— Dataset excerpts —
****
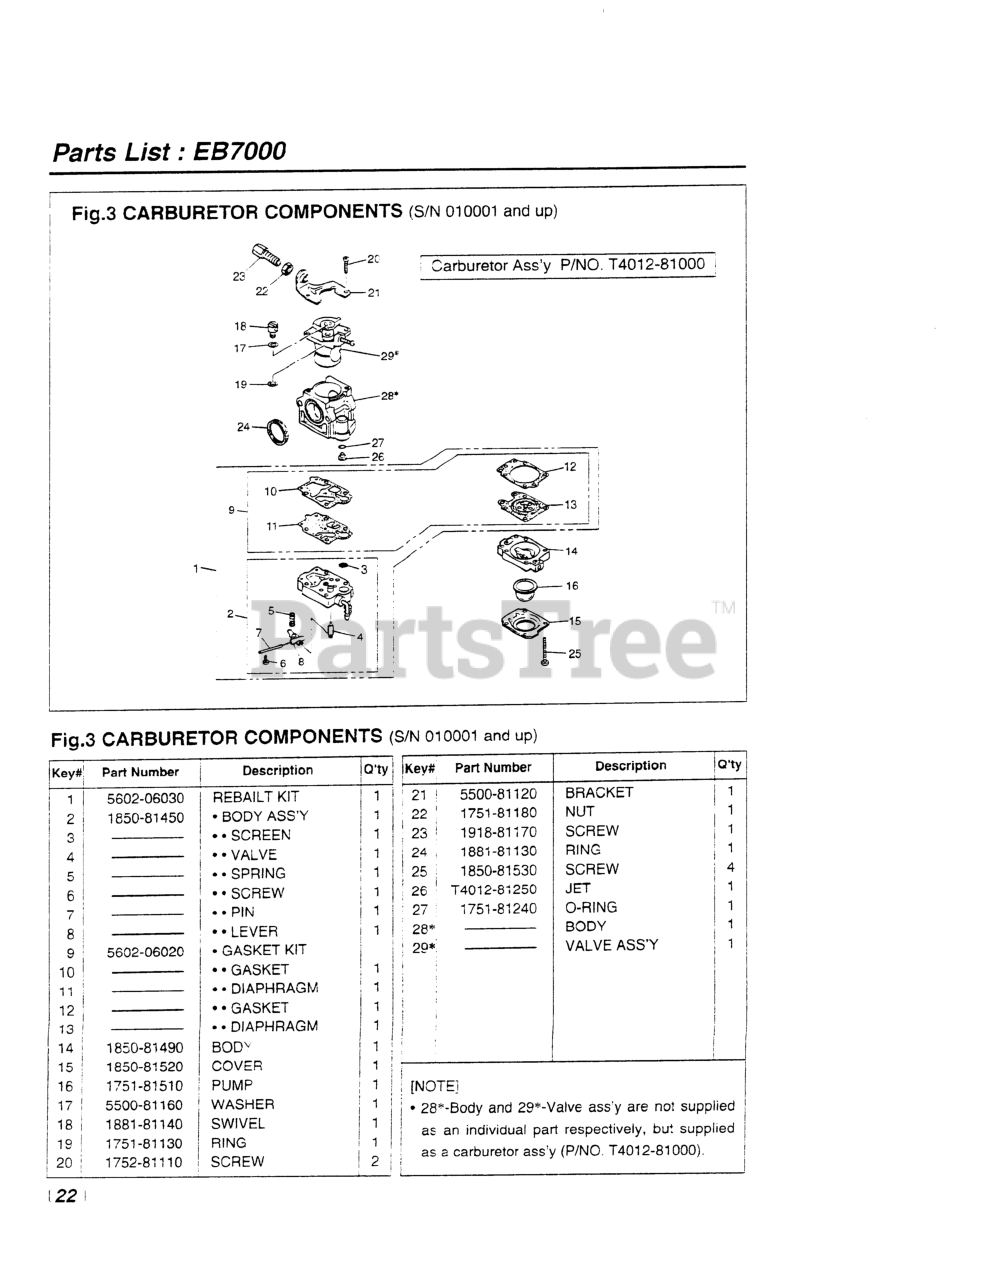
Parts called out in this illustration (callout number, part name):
2	BODY, PUMP
3	SCREEN
4	VALVE, INLET
6	SCREW
7	PIN
8	LEVER
10	GASKET
11	DIAPHRAGM
12	GASKET
13	DIAPHRAGM
14	BODY, PURGE
15	COVER, PUMP
16	PUMP, PRIMING
17	WASHER
18	SWIVEL
19	RING
20	SCREW
22	NUT, CABLE ADJUSTER
23	SCREW, CABLE ADJUSTER
24	RING, PACKING
25	SCREW
26	JET
27	RING, O
28	CARBURETOR (WYK-123-1)
29	CARBURETOR (WYK-123-1)
****
— ACTION ITEM —
Every record above should be duplicated precisely, with the images removed.

— RESULT BELOW —
Parts called out in this illustration (callout number, part name):
2	BODY, PUMP
3	SCREEN
4	VALVE, INLET
6	SCREW
7	PIN
8	LEVER
10	GASKET
11	DIAPHRAGM
12	GASKET
13	DIAPHRAGM
14	BODY, PURGE
15	COVER, PUMP
16	PUMP, PRIMING
17	WASHER
18	SWIVEL
19	RING
20	SCREW
22	NUT, CABLE ADJUSTER
23	SCREW, CABLE ADJUSTER
24	RING, PACKING
25	SCREW
26	JET
27	RING, O
28	CARBURETOR (WYK-123-1)
29	CARBURETOR (WYK-123-1)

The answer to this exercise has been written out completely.